= Your objective =
Some of the lines below need repeating. Reproduce exactly those between the lines holding "from ezdxf.enums import" and "msp = doc.modelspace()", inclusive.

= Source data =
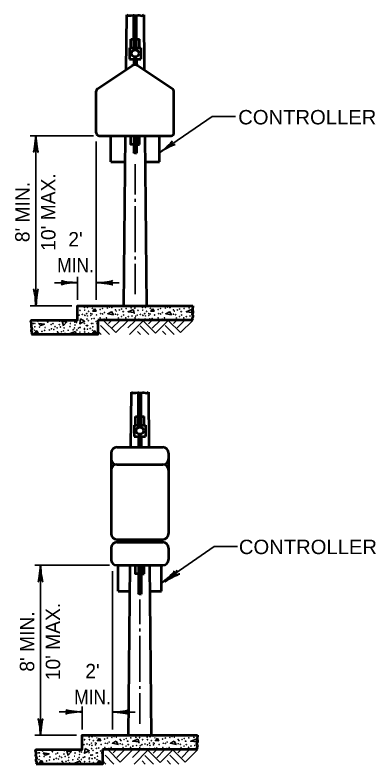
# Model space of a CAD drawing. Extents: x -1 to 679, y 1 to 441.
# Drawn here: x 407.9 to 470.7, y 103.2 to 233.3 of the extents above; entities that cross this region are included whole.
import ezdxf
from ezdxf.enums import TextEntityAlignment as Align

# ---------------------------------------------------------------- set-up
doc = ezdxf.new("R2010")
doc.units = 0
doc.layers.add('1', color=7, linetype='Continuous', lineweight=35)

msp = doc.modelspace()

# ---------------------------------------------------------------- linework, layer by layer
at = {"layer": '1', "lineweight": 53}
for p, q in [((427.306, 233.289), (427.211, 223.746)), ((428.556, 227.607), (428.556, 233.253)), ((429.056, 227.607), (429.056, 233.151)), ((430.306, 233.289), (430.4, 223.746)), ((428.056, 227.607), (428.056, 229.107)), ((428.056, 229.107), (428.556, 229.107)), ((429.056, 229.107), (429.556, 229.107)), ((429.556, 227.607), (429.556, 229.107)), ((427.806, 227.607), (429.806, 227.607)), ((427.806, 227.607), (427.806, 225.607)), ((429.806, 227.607), (429.806, 225.607)), ((427.806, 225.607), (429.806, 225.607)), ((428.556, 225.607), (428.556, 224.576)), ((429.056, 225.607), (429.056, 224.576)), ((422.278, 220.458), (428.251, 224.439)), ((429.36, 224.439), (435.333, 220.458)), ((422.056, 212.809), (422.056, 220.042)), ((435.556, 212.809), (435.556, 220.042)), ((422.556, 212.309), (435.056, 212.309)), ((424.556, 207.809), (424.556, 212.309)), ((427.098, 212.309), (426.806, 182.789)), ((428.556, 212.309), (428.556, 209.309)), ((429.056, 212.309), (429.056, 209.309)), ((429.556, 210.809), (429.556, 212.309)), ((430.513, 212.309), (430.806, 182.789)), ((433.056, 207.809), (433.056, 212.309)), ((428.556, 211.559), (429.056, 211.559)), ((429.056, 210.809), (429.556, 210.809)), ((424.556, 207.809), (427.053, 207.809)), ((430.558, 207.809), (433.056, 207.809)), ((438.806, 180.289), (422.306, 180.289)), ((428.113, 167.747), (428.019, 158.204)), ((429.363, 162.066), (429.363, 167.711)), ((429.863, 162.066), (429.863, 167.609)), ((431.113, 167.747), (431.207, 158.204)), ((428.863, 162.066), (428.863, 163.566)), ((428.863, 163.566), (429.363, 163.566)), ((429.863, 163.566), (430.363, 163.566)), ((430.363, 162.066), (430.363, 163.566)), ((428.613, 162.066), (430.613, 162.066)), ((428.613, 162.066), (428.613, 160.066)), ((430.613, 162.066), (430.613, 160.066)), ((428.613, 160.066), (430.613, 160.066)), ((429.363, 160.066), (429.363, 158.204)), ((429.863, 160.066), (429.863, 158.204)), ((425.613, 158.204), (433.613, 158.204)), ((424.613, 157.204), (424.613, 143.204)), ((434.613, 157.204), (434.613, 143.204)), ((425.613, 155.204), (433.613, 155.204)), ((425.613, 142.204), (433.613, 142.204)), ((425.863, 141.704), (425.863, 142.204)), ((429.363, 142.204), (429.363, 141.704)), ((429.863, 142.204), (429.863, 141.704)), ((433.363, 141.704), (433.363, 142.204)), ((424.613, 140.704), (424.613, 138.704)), ((425.613, 141.704), (433.613, 141.704)), ((434.613, 140.704), (434.613, 138.704)), ((425.613, 137.704), (433.613, 137.704)), ((425.863, 133.204), (425.863, 137.704)), ((427.905, 137.704), (427.613, 108.184)), ((429.363, 137.704), (429.363, 132.704)), ((429.363, 136.954), (429.863, 136.954)), ((429.863, 137.704), (429.863, 132.704)), ((430.363, 136.204), (430.363, 137.704)), ((431.321, 137.704), (431.613, 108.184)), ((433.363, 133.204), (433.363, 137.704)), ((429.863, 136.204), (430.363, 136.204)), ((425.863, 133.204), (427.861, 133.204)), ((431.365, 133.204), (433.363, 133.204)), ((439.613, 105.684), (423.113, 105.684))]:
    msp.add_line(p, q, dxfattribs=at)
at = {"layer": '1'}
for p, q in [((421.556, 212.309), (410.556, 212.309)), ((411.556, 212.309), (411.556, 182.789)), ((422.056, 211.309), (422.056, 183.789)), ((428.829, 202.08), (428.829, 207.371)), ((428.829, 200.83), (428.829, 201.33)), ((428.829, 192.08), (428.829, 200.08)), ((428.829, 190.83), (428.829, 191.33)), ((428.829, 184.789), (428.829, 190.08)), ((418.806, 183.789), (418.806, 187.789)), ((414.806, 186.789), (418.806, 186.789)), ((422.056, 186.789), (426.056, 186.789)), ((417.806, 182.789), (410.556, 182.789)), ((422.093, 179.706), (422.306, 179.681)), ((422.306, 179.493), (422.093, 179.706)), ((423.286, 180.249), (425.426, 178.109)), ((424.706, 180.249), (424.186, 179.729)), ((426.146, 180.249), (424.826, 178.929)), ((427.566, 180.249), (425.426, 178.109)), ((428.846, 180.249), (427.526, 178.929)), ((430.266, 180.249), (427.806, 177.789)), ((429.342, 180.289), (429.373, 180.505)), ((429.413, 180.486), (429.757, 180.289)), ((430.166, 180.249), (432.366, 178.049)), ((431.686, 180.249), (431.126, 179.669)), ((433.126, 180.249), (431.746, 178.869)), ((434.546, 180.249), (432.366, 178.049)), ((434.546, 180.249), (436.686, 178.109)), ((435.966, 180.249), (435.446, 179.729)), ((437.406, 180.249), (436.086, 178.929)), ((438.826, 180.249), (436.686, 178.109)), ((422.306, 178.389), (422.906, 177.789)), ((422.766, 179.349), (424.326, 177.789)), ((429.226, 178.329), (429.766, 177.789)), ((429.686, 179.289), (431.202, 177.789)), ((433.566, 178.389), (434.166, 177.789)), ((434.026, 179.349), (435.586, 177.789)), ((414.633, 177.945), (414.347, 177.789)), ((414.707, 177.789), (414.593, 177.965)), ((424.363, 137.704), (411.363, 137.704)), ((412.363, 137.704), (412.363, 108.184)), ((424.863, 136.704), (424.863, 109.184)), ((429.637, 127.476), (429.637, 131.767)), ((429.637, 126.226), (429.637, 126.726)), ((429.637, 117.476), (429.637, 125.476)), ((429.637, 116.226), (429.637, 116.726)), ((429.637, 110.184), (429.637, 115.476)), ((415.621, 112.23), (419.621, 112.23)), ((419.613, 109.184), (419.613, 113.184)), ((424.81, 112.21), (428.81, 112.21)), ((418.613, 108.184), (411.363, 108.184)), ((424.093, 105.644), (426.233, 103.504)), ((425.513, 105.644), (424.993, 105.124)), ((426.953, 105.644), (425.633, 104.324)), ((428.373, 105.644), (426.233, 103.504)), ((429.653, 105.644), (428.333, 104.324)), ((431.073, 105.644), (428.613, 103.184)), ((430.15, 105.684), (430.181, 105.901)), ((430.221, 105.881), (430.564, 105.684)), ((430.973, 105.644), (433.173, 103.444)), ((432.493, 105.644), (431.933, 105.064)), ((433.933, 105.644), (432.553, 104.264)), ((435.353, 105.644), (433.173, 103.444)), ((435.353, 105.644), (437.493, 103.504)), ((436.773, 105.644), (436.253, 105.124)), ((438.213, 105.644), (436.893, 104.324)), ((439.633, 105.644), (437.493, 103.504)), ((422.901, 105.101), (423.113, 105.076)), ((423.113, 104.888), (422.901, 105.101)), ((423.573, 104.744), (425.133, 103.184)), ((430.493, 104.684), (432.009, 103.184)), ((434.833, 104.744), (436.393, 103.184)), ((415.441, 103.341), (415.154, 103.184)), ((415.514, 103.184), (415.401, 103.361)), ((423.113, 103.784), (423.713, 103.184)), ((430.033, 103.724), (430.573, 103.184)), ((434.373, 103.784), (434.973, 103.184))]:
    msp.add_line(p, q, dxfattribs=at)
at = {"layer": '1', "lineweight": 53}
for points in [[(427.306, 233.289), (427.563, 233.211), (428.095, 233.203), (428.111, 233.203), (428.525, 233.25), (428.635, 233.258), (429.159, 233.187), (429.339, 233.25), (429.534, 233.258), (430.019, 233.164), (430.306, 233.289)], [(428.556, 210.809), (428.056, 210.809), (428.056, 212.309)], [(428.556, 209.309), (428.626, 209.386), (428.746, 209.335), (428.775, 209.335), (428.872, 209.335), (428.906, 209.346), (428.969, 209.346), (429.027, 209.3), (429.056, 209.309)], [(410.806, 177.789), (410.897, 177.921), (410.902, 178.133), (410.793, 178.379), (410.809, 178.521), (410.924, 178.793), (410.798, 179.137), (410.771, 179.295), (410.826, 179.633), (410.809, 179.791), (410.695, 180.004), (410.806, 180.289), (418.806, 180.289), (418.806, 182.789), (438.853, 182.789)], [(438.853, 182.789), (438.786, 182.133), (438.84, 181.795), (438.813, 181.637), (438.687, 181.293), (438.802, 181.021), (438.818, 180.879), (438.709, 180.633), (438.715, 180.421), (438.806, 180.289)], [(422.306, 180.289), (422.306, 177.789), (410.806, 177.789)], [(428.113, 167.747), (428.37, 167.669), (428.902, 167.661), (428.918, 167.661), (429.333, 167.708), (429.442, 167.716), (429.966, 167.645), (430.146, 167.708), (430.342, 167.716), (430.827, 167.622), (431.113, 167.747)], [(429.363, 136.204), (428.863, 136.204), (428.863, 137.704)], [(429.363, 132.704), (429.433, 132.781), (429.554, 132.73), (429.582, 132.73), (429.68, 132.73), (429.714, 132.741), (429.777, 132.741), (429.834, 132.695), (429.863, 132.704)], [(411.613, 103.184), (411.704, 103.316), (411.709, 103.529), (411.6, 103.774), (411.617, 103.916), (411.731, 104.188), (411.606, 104.532), (411.579, 104.69), (411.633, 105.028), (411.617, 105.186), (411.502, 105.399), (411.613, 105.684), (419.613, 105.684), (419.613, 108.184), (439.661, 108.184)], [(439.661, 108.184), (439.593, 107.528), (439.648, 107.19), (439.62, 107.032), (439.495, 106.688), (439.609, 106.416), (439.626, 106.274), (439.517, 106.029), (439.522, 105.816), (439.613, 105.684)], [(423.113, 105.684), (423.113, 103.184), (411.613, 103.184)]]:
    msp.add_lwpolyline(points, dxfattribs=at)
at = {"layer": '1'}
for points in [[(433.157, 209.451), (442.217, 215.663), (446.27, 215.663)], [(421.813, 182.266), (421.433, 181.865), (422.013, 181.826), (421.813, 182.225)], [(431.893, 182.266), (431.513, 181.865), (432.093, 181.826), (431.893, 182.225)], [(424.713, 181.745), (424.053, 181.386), (425.033, 181.206), (424.673, 181.766)], [(428.533, 182.125), (427.593, 181.745), (428.633, 181.625), (428.533, 182.085)], [(434.793, 181.745), (434.133, 181.386), (435.113, 181.206), (434.753, 181.766)], [(438.613, 182.125), (437.673, 181.745), (438.713, 181.625), (438.613, 182.085)], [(416.353, 179.285), (416.113, 180.085), (416.893, 179.925), (416.333, 179.326)], [(419.333, 180.486), (420.033, 180.085), (419.173, 179.665), (419.293, 180.505)], [(411.733, 178.465), (411.353, 178.065), (411.933, 178.025), (411.733, 178.425)], [(418.453, 178.326), (417.513, 177.945), (418.553, 177.826), (418.453, 178.285)], [(421.813, 178.465), (421.433, 178.065), (422.013, 178.025), (421.813, 178.425)], [(433.49, 134.737), (442.55, 140.948), (446.603, 140.948)], [(422.621, 107.661), (422.241, 107.261), (422.821, 107.221), (422.621, 107.621)], [(425.521, 107.141), (424.861, 106.781), (425.841, 106.601), (425.481, 107.161)], [(429.341, 107.521), (428.401, 107.141), (429.441, 107.021), (429.341, 107.481)], [(432.701, 107.661), (432.321, 107.261), (432.901, 107.221), (432.701, 107.621)], [(435.601, 107.141), (434.941, 106.781), (435.921, 106.601), (435.561, 107.161)], [(439.421, 107.521), (438.481, 107.141), (439.521, 107.021), (439.421, 107.481)], [(417.161, 104.681), (416.921, 105.481), (417.701, 105.321), (417.141, 104.721)], [(420.141, 105.881), (420.841, 105.481), (419.981, 105.061), (420.101, 105.901)], [(412.541, 103.861), (412.161, 103.461), (412.741, 103.421), (412.541, 103.821)], [(419.261, 103.721), (418.321, 103.341), (419.361, 103.221), (419.261, 103.681)], [(422.621, 103.861), (422.241, 103.461), (422.821, 103.421), (422.621, 103.821)]]:
    msp.add_lwpolyline(points, dxfattribs=at)
for points in [[(412.013, 179.706), (413.053, 179.585), (412.373, 179.345)], [(412.821, 105.101), (413.861, 104.981), (413.181, 104.741)]]:
    msp.add_lwpolyline(points, close=True, dxfattribs=at)
at = {"layer": '1', "lineweight": 53}
for centre in [(428.817, 226.618), (429.625, 161.076)]:
    msp.add_circle(centre, 0.625, dxfattribs=at)
at = {"layer": '1'}
for centre in [(418.966, 182.702), (420.013, 182.469), (420.026, 182.636), (420.516, 182.522), (421.007, 182.649), (421.372, 182.336), (422.711, 182.124), (423.161, 182.296), (423.97, 182.389), (424.367, 182.583), (424.765, 182.455), (425.322, 182.742), (426.461, 182.217), (426.554, 182.742), (427.243, 182.323), (428.131, 182.416), (428.343, 182.729), (428.767, 182.376), (429.046, 182.702), (430.093, 182.469), (430.106, 182.636), (430.596, 182.522), (431.087, 182.649), (431.452, 182.336), (432.791, 182.124), (433.241, 182.296), (434.05, 182.389), (434.447, 182.583), (434.845, 182.455), (435.402, 182.742), (436.541, 182.217), (436.634, 182.742), (437.323, 182.323), (438.211, 182.416), (438.423, 182.729), (419.098, 181.156), (419.217, 182.005), (419.628, 181.275), (420.052, 182.018), (420.079, 181.13), (420.397, 181.421), (420.503, 181.023), (420.728, 181.832), (421.086, 181.434), (421.099, 181.116), (421.319, 181.355), (422.101, 181.183), (422.817, 181.408), (423.161, 181.368), (423.479, 181.607), (425.388, 182.058), (425.388, 181.315), (425.547, 181.845), (425.772, 181.222), (426.064, 182.058), (426.435, 180.891), (426.687, 181.753), (426.74, 181.753), (426.806, 181.169), (427.614, 180.904), (428.264, 180.997), (428.661, 181.487), (428.9, 180.984), (429.178, 181.156), (429.297, 182.005), (429.708, 181.275), (430.132, 182.018), (430.159, 181.13), (430.477, 181.421), (430.583, 181.023), (430.808, 181.832), (431.166, 181.434), (431.179, 181.116), (431.399, 181.355), (432.181, 181.183), (432.897, 181.408), (433.241, 181.368), (433.559, 181.607), (435.468, 182.058), (435.468, 181.315), (435.627, 181.845), (435.852, 181.222), (436.144, 182.058), (436.515, 180.891), (436.767, 181.753), (436.82, 181.753), (436.886, 181.169), (437.694, 180.904), (438.344, 180.997), (411.159, 179.709), (411.385, 179.724), (411.928, 180.056), (413.625, 179.95), (414.221, 179.539), (414.499, 180.175), (414.539, 179.685), (415.679, 180.109), (417.561, 179.698), (418.343, 179.95), (418.634, 179.883), (419.986, 179.738), (420.45, 180.467), (420.675, 180.175), (421.239, 179.709), (421.258, 180.52), (421.465, 179.724), (421.677, 180.573), (422.008, 180.056), (422.737, 180.679), (423.426, 180.467), (423.824, 180.679), (424.99, 180.347), (425.891, 180.652), (427.203, 180.679), (428.728, 180.361), (428.794, 180.666), (430.53, 180.467), (431.338, 180.52), (431.757, 180.573), (432.817, 180.679), (433.506, 180.467), (433.904, 180.679), (435.07, 180.347), (435.971, 180.652), (437.283, 180.679), (410.927, 178.849), (411.292, 178.536), (411.385, 179.128), (412.193, 179.088), (412.631, 178.324), (413.081, 178.496), (413.187, 179.008), (413.89, 178.589), (414.287, 178.783), (414.685, 178.655), (414.884, 179.141), (415.242, 178.942), (415.308, 178.258), (415.639, 179.512), (415.825, 179.088), (415.984, 178.258), (416.381, 178.417), (416.474, 178.942), (417.163, 178.523), (417.495, 179.154), (418.051, 178.616), (418.263, 178.929), (418.356, 179.433), (418.687, 178.576), (418.966, 178.902), (419.244, 179.022), (420.013, 178.669), (420.026, 178.836), (420.052, 178.218), (420.317, 179.34), (420.516, 178.722), (420.543, 179.34), (421.007, 178.849), (421.372, 178.536), (421.465, 179.128), (422.273, 179.088), (415.467, 178.045), (416.607, 177.953), (416.66, 177.953), (419.217, 178.205), (420.728, 178.032), (419.773, 108.097), (420.833, 108.031), (421.814, 108.044), (425.175, 107.978), (426.129, 108.137), (427.362, 108.137), (429.151, 108.124), (429.853, 108.097), (430.913, 108.031), (431.894, 108.044), (435.255, 107.978), (436.209, 108.137), (437.442, 108.137), (439.231, 108.124), (420.025, 107.4), (420.436, 106.671), (420.82, 107.864), (420.86, 107.413), (421.204, 106.816), (421.324, 107.917), (421.536, 107.227), (421.894, 106.83), (422.127, 106.75), (422.18, 107.731), (423.518, 107.519), (423.624, 106.803), (423.969, 107.691), (423.969, 106.763), (424.287, 107.002), (424.777, 107.784), (425.572, 107.85), (426.195, 107.453), (426.195, 106.71), (426.354, 107.241), (426.871, 107.453), (427.269, 107.612), (427.494, 107.148), (427.547, 107.148), (428.051, 107.718), (428.939, 107.811), (429.469, 106.883), (429.575, 107.771), (430.105, 107.4), (430.516, 106.671), (430.9, 107.864), (430.94, 107.413), (431.284, 106.816), (431.404, 107.917), (431.616, 107.227), (431.974, 106.83), (432.207, 106.75), (432.26, 107.731), (433.598, 107.519), (433.704, 106.803), (434.049, 107.691), (434.049, 106.763), (434.367, 107.002), (434.857, 107.784), (435.652, 107.85), (436.275, 107.453), (436.275, 106.71), (436.434, 107.241), (436.951, 107.453), (437.349, 107.612), (437.574, 107.148), (437.627, 107.148), (438.131, 107.718), (439.019, 107.811), (412.736, 105.451), (415.307, 105.57), (416.486, 105.504), (419.906, 106.551), (420.886, 106.525), (421.257, 105.862), (421.311, 106.419), (421.483, 105.57), (421.907, 106.511), (422.066, 105.915), (422.484, 105.968), (422.816, 105.451), (422.908, 106.578), (423.545, 106.074), (424.234, 105.862), (424.631, 106.074), (425.798, 105.743), (426.58, 106.618), (426.699, 106.047), (427.242, 106.286), (427.613, 106.564), (428.011, 106.074), (428.422, 106.299), (429.071, 106.392), (429.535, 105.756), (429.601, 106.061), (429.707, 106.379), (429.986, 106.551), (430.966, 106.525), (431.337, 105.862), (431.391, 106.419), (431.987, 106.511), (432.146, 105.915), (432.564, 105.968), (432.988, 106.578), (433.625, 106.074), (434.314, 105.862), (434.711, 106.074), (435.878, 105.743), (436.66, 106.618), (436.779, 106.047), (437.322, 106.286), (437.693, 106.564), (438.091, 106.074), (438.502, 106.299), (439.151, 106.392), (411.734, 104.244), (411.966, 105.104), (412.192, 105.119), (412.192, 104.523), (413.001, 104.483), (413.995, 104.404), (414.432, 105.345), (415.029, 104.934), (415.095, 104.178), (415.347, 105.08), (415.691, 104.536), (416.049, 104.337), (416.447, 104.907), (416.632, 104.483), (417.282, 104.337), (418.302, 104.549), (418.368, 105.093), (419.071, 104.324), (419.15, 105.345), (419.164, 104.828), (419.442, 105.279), (419.773, 104.297), (420.051, 104.417), (420.794, 105.133), (420.82, 104.064), (420.833, 104.231), (421.125, 104.735), (421.324, 104.117), (421.35, 104.735), (421.814, 104.244), (422.046, 105.104), (422.272, 105.119), (422.272, 104.523), (423.081, 104.483), (412.1, 103.931), (413.438, 103.719), (413.889, 103.891), (414.697, 103.984), (415.492, 104.05), (416.115, 103.653), (416.274, 103.441), (416.791, 103.653), (417.189, 103.812), (417.414, 103.348), (417.467, 103.348), (417.971, 103.918), (418.859, 104.011), (419.495, 103.971), (420.025, 103.6), (420.86, 103.613), (421.536, 103.427), (422.18, 103.931)]:
    msp.add_circle(centre, 0.0265, dxfattribs=at)
at = {"layer": '1', "lineweight": 53}
for centre, radius, start, end in [((428.806, 223.607), 1, 56.30808, 123.69007), ((422.556, 220.042), 0.5, 123.69239, 180), ((435.056, 220.042), 0.5, 0, 56.30661), ((422.556, 212.809), 0.5, 180, 270), ((435.056, 212.809), 0.5, 270, 0), ((425.613, 157.204), 1, 90, 180), ((433.613, 157.204), 1, 0, 90), ((425.613, 156.204), 1, 180, 270), ((433.613, 156.204), 1, 270, 0), ((425.613, 154.204), 1, 90, 180), ((433.613, 154.204), 1, 0, 90), ((425.613, 143.204), 1, 180, 270), ((433.613, 143.204), 1, 270, 0), ((425.613, 140.704), 1, 90, 180), ((433.613, 140.704), 1, 0, 90), ((425.613, 138.704), 1, 180, 270), ((433.613, 138.704), 1, 270, 0)]:
    msp.add_arc(centre, radius, start, end, dxfattribs=at)
at = {"layer": '1'}
for centre, start, end in [((423.267, 182.808), 226.35082, 313.64918), ((433.347, 182.808), 226.35082, 313.64918), ((438.847, 182.376), 61.61934, 241.7845), ((418.82, 180.984), 237.37076, 122.62924), ((438.741, 181.487), 32.83014, 287.06312), ((412.604, 180.281), 162.01481, 17.98519), ((417.402, 180.308), 223.9797, 316.0203), ((417.919, 180.281), 162.01481, 17.98519), ((422.684, 180.281), 17.98519, 162.01481), ((427.482, 180.308), 316.0203, 223.9797), ((427.999, 180.281), 17.98519, 162.01481), ((432.764, 180.281), 17.98519, 162.01481), ((437.562, 180.308), 316.0203, 223.9797), ((438.079, 180.281), 17.98519, 162.01481), ((413.399, 177.807), 318.30023, 221.69977), ((424.075, 108.204), 226.35082, 313.64918), ((434.155, 108.204), 226.35082, 313.64918), ((439.549, 106.883), 32.83014, 287.06312), ((439.655, 107.771), 61.61934, 241.7845), ((413.412, 105.676), 162.01481, 17.98519), ((418.209, 105.703), 223.9797, 316.0203), ((418.726, 105.676), 162.01481, 17.98519), ((419.627, 106.379), 237.37076, 122.62924), ((423.492, 105.676), 17.98519, 162.01481), ((428.289, 105.703), 316.0203, 223.9797), ((428.806, 105.676), 17.98519, 162.01481), ((433.572, 105.676), 17.98519, 162.01481), ((438.369, 105.703), 316.0203, 223.9797), ((438.886, 105.676), 17.98519, 162.01481), ((414.207, 103.202), 318.30023, 221.69977)]:
    msp.add_arc(centre, 0.0265, start, end, dxfattribs=at)
at = {"layer": '1', "lineweight": 40}
for centre, major_axis, ratio, start_param, end_param in [((411.344, 211.189), (0.176, 1.756), 0.07063, 3.1407148, 5.41811), ((411.344, 211.189), (0.176, 1.756), 0.07063, 3.1407148, 5.41811), ((411.832, 211.218), (-0.156, 1.786), 0.122415, 0.8963533, 3.1415927), ((411.832, 211.218), (-0.156, 1.786), 0.122415, 0.8963533, 3.1415927), ((433.9, 210.296), (-1.384, -1.139), 0.122415, 0.8963533, 3.1415927), ((433.9, 210.296), (-1.384, -1.139), 0.122415, 0.8963533, 3.1415927), ((434.2, 209.91), (1.548, 0.848), 0.07063, 6.2823074, 8.5597026), ((434.2, 209.91), (1.548, 0.848), 0.07063, 6.2823074, 8.5597026), ((417.714, 186.513), (1.786, 0.156), 0.122415, 0.8963533, 3.1415927), ((417.714, 186.513), (1.786, 0.156), 0.122415, 0.8963533, 3.1415927), ((417.685, 187.001), (1.756, -0.176), 0.07063, 3.1407148, 5.41811), ((417.685, 187.001), (1.756, -0.176), 0.07063, 3.1407148, 5.41811), ((423.176, 186.578), (-1.756, 0.176), 0.07063, 3.1407148, 5.41811), ((423.176, 186.578), (-1.756, 0.176), 0.07063, 3.1407148, 5.41811), ((423.147, 187.066), (-1.786, -0.156), 0.122415, 0.8963533, 3.1415927), ((423.147, 187.066), (-1.786, -0.156), 0.122415, 0.8963533, 3.1415927), ((411.279, 183.88), (0.156, -1.786), 0.122415, 0.8963533, 3.1415927), ((411.767, 183.91), (-0.176, -1.756), 0.07063, 3.1407148, 5.41811), ((412.151, 136.584), (0.176, 1.756), 0.07063, 3.1407148, 5.41811), ((412.151, 136.584), (0.176, 1.756), 0.07063, 3.1407148, 5.41811), ((412.639, 136.613), (-0.156, 1.786), 0.122415, 0.8963533, 3.1415927), ((412.639, 136.613), (-0.156, 1.786), 0.122415, 0.8963533, 3.1415927), ((434.246, 135.58), (-1.384, -1.139), 0.122415, 0.8963533, 3.1415927), ((434.708, 135.691), (-1.384, -1.139), 0.122415, 0.8963533, 3.1415927), ((434.546, 135.194), (1.548, 0.848), 0.07063, 6.2823074, 8.5597026), ((435.008, 135.305), (1.548, 0.848), 0.07063, 6.2823074, 8.5597026), ((418.521, 111.962), (1.786, 0.156), 0.122415, 0.8963533, 3.1415927), ((418.492, 112.45), (1.756, -0.176), 0.07063, 3.1407148, 5.41811), ((425.901, 112.486), (-1.786, -0.156), 0.122415, 0.8963533, 3.1415927), ((425.901, 112.486), (-1.786, -0.156), 0.122415, 0.8963533, 3.1415927), ((425.931, 111.999), (-1.756, 0.176), 0.07063, 3.1407148, 5.41811), ((425.931, 111.999), (-1.756, 0.176), 0.07063, 3.1407148, 5.41811), ((412.087, 109.276), (0.156, -1.786), 0.122415, 0.8963533, 3.1415927), ((412.575, 109.305), (-0.176, -1.756), 0.07063, 3.1407148, 5.41811)]:
    msp.add_ellipse(centre, major_axis=major_axis, ratio=ratio, start_param=start_param, end_param=end_param, dxfattribs=at)

# ---------------------------------------------------------------- texts
at = {"layer": '1', "width": 1.05}
for p in [(446.717, 214.286), (446.832, 139.645)]:
    msp.add_text('CONTROLLER', height=2.5, dxfattribs=at).set_placement(p)
at = {"layer": '1'}
for s, p in [("10' MAX.", (414.965, 199.067)), ("8' MIN.", (410.465, 199.067)), ("10' MAX.", (415.772, 124.462)), ("8' MIN.", (411.272, 124.462))]:
    msp.add_text(s, height=2.5, rotation=90, dxfattribs=at).set_placement(p, align=Align.CENTER)
for p in [(418.445, 193.085), (421.396, 118.079)]:
    msp.add_text("2'", height=2.5, dxfattribs=at).set_placement(p, align=Align.CENTER)
at = {"layer": '1', "width": 0.9}
for p in [(418.445, 188.585), (421.396, 113.579)]:
    msp.add_text('MIN.', height=2.5, dxfattribs=at).set_placement(p, align=Align.CENTER)

doc.saveas('drawing.dxf')

= Expected answer =
from ezdxf.enums import TextEntityAlignment as Align

# ---------------------------------------------------------------- set-up
doc = ezdxf.new("R2010")
doc.units = 0
doc.layers.add('1', color=7, linetype='Continuous', lineweight=35)

msp = doc.modelspace()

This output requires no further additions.